The only real argument for an analog headphone jack at this point is audio fidelity, and if you care about that you're 1, not using your phone with a cheap DAC to do it and 2, your headphones probably use a 1/4" jack not a 3.5mm one. Wireless protocols are also catching up to analog as far as audio quality as well, and most people expect IP68 from a good phone these days, and you're not getting that with a 3.5mm audio jack or removable battery.
The consumers who care about an audio jack on phones these days are a very vocal minority.
Galaxy S5 was IP67 with a headphone socket, removable battery and dedicated microSD card slot. Others have also existed. Taking like adding a headphone socket costs more than 5 cents is stupid.

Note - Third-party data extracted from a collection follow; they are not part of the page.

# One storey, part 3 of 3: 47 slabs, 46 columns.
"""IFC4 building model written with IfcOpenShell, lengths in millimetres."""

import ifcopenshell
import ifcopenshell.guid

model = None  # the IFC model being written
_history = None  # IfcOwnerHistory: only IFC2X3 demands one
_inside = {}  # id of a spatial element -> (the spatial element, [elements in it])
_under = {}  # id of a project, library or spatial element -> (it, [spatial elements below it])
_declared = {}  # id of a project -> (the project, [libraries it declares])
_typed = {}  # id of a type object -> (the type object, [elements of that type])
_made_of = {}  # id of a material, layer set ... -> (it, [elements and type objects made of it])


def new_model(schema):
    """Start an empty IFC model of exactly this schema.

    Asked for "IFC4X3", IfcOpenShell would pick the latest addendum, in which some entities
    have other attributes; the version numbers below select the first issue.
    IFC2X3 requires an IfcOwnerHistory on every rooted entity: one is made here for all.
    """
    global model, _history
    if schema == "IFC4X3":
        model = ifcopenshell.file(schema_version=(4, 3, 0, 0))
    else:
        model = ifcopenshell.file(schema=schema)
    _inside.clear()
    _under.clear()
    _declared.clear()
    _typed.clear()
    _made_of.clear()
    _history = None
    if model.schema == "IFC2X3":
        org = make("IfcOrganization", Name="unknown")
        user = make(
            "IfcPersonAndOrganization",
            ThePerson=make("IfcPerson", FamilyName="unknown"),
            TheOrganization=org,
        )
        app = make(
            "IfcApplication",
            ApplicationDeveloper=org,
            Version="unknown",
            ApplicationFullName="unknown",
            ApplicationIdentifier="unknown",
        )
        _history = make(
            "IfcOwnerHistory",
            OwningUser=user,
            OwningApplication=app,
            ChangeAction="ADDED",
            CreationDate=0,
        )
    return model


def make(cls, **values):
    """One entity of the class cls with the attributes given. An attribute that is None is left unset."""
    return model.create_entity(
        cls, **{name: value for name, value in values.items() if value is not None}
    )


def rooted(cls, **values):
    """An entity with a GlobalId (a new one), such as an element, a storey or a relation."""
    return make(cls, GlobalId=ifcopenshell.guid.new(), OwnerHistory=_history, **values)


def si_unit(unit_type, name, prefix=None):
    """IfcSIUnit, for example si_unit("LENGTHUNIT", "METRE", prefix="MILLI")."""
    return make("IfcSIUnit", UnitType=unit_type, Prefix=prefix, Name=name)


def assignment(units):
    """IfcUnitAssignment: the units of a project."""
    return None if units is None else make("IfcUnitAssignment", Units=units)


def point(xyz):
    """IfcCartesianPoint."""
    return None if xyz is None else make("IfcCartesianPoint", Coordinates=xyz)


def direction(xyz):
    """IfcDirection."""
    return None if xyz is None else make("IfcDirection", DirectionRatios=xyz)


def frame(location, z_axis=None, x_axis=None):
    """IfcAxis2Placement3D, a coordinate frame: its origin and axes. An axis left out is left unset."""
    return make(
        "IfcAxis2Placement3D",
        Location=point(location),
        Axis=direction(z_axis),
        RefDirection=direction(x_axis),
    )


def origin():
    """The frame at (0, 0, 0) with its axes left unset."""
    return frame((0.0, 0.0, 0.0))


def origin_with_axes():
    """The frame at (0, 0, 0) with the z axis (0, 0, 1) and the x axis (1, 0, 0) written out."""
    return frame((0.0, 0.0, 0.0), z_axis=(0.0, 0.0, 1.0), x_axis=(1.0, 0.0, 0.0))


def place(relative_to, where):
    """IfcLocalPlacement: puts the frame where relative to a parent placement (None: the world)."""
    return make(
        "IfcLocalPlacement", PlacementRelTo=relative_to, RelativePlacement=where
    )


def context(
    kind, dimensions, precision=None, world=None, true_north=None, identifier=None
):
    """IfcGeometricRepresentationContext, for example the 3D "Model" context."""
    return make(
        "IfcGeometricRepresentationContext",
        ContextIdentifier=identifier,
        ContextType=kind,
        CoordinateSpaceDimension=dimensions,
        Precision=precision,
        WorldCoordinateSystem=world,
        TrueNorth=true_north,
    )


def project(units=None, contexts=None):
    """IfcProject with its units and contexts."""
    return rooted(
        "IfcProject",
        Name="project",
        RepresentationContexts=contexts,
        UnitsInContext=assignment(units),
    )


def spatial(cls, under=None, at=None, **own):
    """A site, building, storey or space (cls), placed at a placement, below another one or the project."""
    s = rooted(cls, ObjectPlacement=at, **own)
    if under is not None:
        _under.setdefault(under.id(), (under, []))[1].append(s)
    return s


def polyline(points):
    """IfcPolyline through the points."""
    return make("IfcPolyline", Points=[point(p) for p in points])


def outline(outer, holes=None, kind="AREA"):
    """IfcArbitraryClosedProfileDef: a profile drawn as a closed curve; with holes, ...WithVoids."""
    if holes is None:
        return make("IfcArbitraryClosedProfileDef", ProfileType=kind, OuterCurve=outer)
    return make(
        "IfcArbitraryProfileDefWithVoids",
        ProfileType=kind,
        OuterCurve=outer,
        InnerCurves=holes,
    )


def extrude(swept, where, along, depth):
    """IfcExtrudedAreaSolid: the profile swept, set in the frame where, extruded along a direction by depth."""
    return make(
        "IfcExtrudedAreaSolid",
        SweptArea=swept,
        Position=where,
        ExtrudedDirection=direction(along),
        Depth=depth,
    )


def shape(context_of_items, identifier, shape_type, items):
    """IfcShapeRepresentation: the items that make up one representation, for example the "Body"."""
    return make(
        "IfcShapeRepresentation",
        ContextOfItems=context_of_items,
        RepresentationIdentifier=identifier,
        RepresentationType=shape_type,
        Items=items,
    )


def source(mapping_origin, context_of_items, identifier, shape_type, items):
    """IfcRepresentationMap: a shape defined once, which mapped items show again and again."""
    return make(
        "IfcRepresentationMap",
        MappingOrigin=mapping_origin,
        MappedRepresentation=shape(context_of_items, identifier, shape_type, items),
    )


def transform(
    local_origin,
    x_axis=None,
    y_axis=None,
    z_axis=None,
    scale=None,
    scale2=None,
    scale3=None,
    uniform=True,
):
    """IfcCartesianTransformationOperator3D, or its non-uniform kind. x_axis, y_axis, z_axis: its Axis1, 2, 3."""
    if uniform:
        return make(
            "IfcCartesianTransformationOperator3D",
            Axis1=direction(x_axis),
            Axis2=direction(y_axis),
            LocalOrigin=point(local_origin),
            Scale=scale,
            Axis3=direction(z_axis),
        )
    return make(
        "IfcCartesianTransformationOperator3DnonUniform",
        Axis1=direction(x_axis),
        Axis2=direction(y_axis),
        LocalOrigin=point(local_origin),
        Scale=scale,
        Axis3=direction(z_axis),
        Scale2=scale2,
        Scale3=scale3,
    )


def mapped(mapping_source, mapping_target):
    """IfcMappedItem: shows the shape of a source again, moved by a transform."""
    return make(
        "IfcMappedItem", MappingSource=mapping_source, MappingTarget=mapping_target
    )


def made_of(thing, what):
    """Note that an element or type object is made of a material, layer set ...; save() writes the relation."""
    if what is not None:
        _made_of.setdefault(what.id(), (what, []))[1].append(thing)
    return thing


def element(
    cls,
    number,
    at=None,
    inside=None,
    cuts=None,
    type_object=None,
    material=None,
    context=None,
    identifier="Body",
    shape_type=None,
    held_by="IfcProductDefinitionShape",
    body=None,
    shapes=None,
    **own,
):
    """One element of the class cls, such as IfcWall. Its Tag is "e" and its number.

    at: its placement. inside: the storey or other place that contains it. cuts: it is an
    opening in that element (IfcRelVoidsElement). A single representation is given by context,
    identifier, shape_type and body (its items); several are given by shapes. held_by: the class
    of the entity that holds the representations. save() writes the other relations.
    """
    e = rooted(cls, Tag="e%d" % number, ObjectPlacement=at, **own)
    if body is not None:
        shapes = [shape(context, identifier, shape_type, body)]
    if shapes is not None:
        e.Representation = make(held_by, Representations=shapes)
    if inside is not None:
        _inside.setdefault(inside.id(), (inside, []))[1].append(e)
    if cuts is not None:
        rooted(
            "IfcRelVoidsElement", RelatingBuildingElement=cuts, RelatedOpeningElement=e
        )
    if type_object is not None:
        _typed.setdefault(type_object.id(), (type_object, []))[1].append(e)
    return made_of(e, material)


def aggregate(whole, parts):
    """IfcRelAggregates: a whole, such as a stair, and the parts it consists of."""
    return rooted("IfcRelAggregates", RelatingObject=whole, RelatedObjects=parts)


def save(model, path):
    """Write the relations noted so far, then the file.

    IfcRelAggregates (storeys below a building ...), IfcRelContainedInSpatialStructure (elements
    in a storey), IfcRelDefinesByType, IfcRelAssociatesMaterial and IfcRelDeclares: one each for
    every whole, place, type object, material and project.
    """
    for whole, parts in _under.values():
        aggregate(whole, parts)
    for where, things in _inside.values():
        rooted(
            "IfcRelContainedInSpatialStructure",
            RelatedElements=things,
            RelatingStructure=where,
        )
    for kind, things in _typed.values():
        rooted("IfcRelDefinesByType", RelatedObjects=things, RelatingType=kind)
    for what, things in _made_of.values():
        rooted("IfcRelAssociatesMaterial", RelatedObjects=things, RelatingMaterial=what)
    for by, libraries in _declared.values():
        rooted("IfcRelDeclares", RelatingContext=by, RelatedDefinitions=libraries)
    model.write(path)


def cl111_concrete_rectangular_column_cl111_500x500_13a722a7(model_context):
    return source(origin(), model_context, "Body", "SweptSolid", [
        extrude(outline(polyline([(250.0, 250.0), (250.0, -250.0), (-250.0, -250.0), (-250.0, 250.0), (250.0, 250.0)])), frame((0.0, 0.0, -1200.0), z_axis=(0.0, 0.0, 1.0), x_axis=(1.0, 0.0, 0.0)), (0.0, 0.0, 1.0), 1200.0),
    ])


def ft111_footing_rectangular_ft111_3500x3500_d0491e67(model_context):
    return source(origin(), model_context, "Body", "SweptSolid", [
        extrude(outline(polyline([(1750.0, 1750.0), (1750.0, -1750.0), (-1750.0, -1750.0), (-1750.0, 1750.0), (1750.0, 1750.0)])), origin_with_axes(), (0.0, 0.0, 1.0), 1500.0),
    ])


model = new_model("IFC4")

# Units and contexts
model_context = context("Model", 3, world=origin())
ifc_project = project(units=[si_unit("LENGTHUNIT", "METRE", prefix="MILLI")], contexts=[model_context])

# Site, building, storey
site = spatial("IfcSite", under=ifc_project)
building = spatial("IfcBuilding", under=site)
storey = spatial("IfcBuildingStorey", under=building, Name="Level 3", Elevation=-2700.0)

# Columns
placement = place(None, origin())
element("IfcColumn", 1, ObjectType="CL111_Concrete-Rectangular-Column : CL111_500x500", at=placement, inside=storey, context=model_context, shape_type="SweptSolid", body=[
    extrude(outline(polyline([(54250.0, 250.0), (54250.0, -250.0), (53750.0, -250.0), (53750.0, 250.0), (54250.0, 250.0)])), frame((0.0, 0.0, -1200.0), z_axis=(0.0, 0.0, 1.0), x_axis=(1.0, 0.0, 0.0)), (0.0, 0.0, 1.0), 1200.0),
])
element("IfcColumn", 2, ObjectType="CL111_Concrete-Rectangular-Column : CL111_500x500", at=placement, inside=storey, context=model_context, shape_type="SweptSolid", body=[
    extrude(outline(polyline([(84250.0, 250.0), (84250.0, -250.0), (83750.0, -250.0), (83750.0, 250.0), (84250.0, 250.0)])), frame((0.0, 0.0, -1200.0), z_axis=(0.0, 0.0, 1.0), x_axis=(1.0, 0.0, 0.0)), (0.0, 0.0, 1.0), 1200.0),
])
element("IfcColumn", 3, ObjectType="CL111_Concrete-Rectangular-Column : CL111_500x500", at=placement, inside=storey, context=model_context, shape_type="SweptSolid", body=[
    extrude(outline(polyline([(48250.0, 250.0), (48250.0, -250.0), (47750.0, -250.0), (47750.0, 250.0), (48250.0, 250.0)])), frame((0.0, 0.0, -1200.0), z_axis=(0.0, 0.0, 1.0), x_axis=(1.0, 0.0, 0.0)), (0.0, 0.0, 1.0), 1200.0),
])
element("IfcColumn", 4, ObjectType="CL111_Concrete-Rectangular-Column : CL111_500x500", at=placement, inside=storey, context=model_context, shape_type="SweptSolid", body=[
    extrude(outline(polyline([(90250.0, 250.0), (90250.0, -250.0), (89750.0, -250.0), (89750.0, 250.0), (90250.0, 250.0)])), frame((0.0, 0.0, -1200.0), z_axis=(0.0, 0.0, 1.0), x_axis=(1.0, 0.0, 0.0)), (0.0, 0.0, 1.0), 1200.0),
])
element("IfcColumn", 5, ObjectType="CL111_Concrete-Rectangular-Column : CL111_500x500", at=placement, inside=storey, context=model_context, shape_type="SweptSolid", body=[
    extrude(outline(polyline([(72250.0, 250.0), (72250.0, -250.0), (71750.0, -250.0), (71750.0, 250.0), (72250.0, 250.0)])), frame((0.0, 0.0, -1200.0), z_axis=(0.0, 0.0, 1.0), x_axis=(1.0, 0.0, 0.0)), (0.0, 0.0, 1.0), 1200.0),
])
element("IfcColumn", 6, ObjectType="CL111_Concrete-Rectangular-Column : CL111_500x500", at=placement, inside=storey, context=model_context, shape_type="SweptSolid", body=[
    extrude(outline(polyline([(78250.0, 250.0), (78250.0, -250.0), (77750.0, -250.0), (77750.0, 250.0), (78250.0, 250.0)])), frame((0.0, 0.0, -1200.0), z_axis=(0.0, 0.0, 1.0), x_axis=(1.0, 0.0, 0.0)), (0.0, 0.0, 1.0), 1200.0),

I'm a Bluetooth buds convert now, but I'd still like the choice.
IP67 and IP68 are considerably different. It's basically the difference between water-resistant and water proof. IP67 could handle splashes of water and, at least on paper, brief submersion. In reality, most. IP67 phones did not handle any level of immersion well.
IP68 on the other hand allows phones to be submerged deeper in water and for much longer. You can have IP67 with those features, but IP68 is a different beast.
LoL... Really?
1 number apart, but considerably different. Sure.
Difference between x5 and x7 maybe. To pass x6 a device must be submerged to a depth of 1m for 30 minutes.
IPx7 is for a device intended to operate permanently submerged. So not a phone.
That fact your picking the difference shows you don't know the difference.
IP67 is just a marketing gimmick. I'd be impressed if a phone with this rating would endure 12 months submerged and still function. Who needs this anyway?
IP67 in reality won't last 30 minutes submerged in most cases. I've had flagship level IP67 devices get damaged by water ingress by being splashed or dunked a couple inches into a pool for less than a second. My Pixel 8 Pro goes into the shower, bath, pool, hot tub, and rain with me and it's never skipped a beat.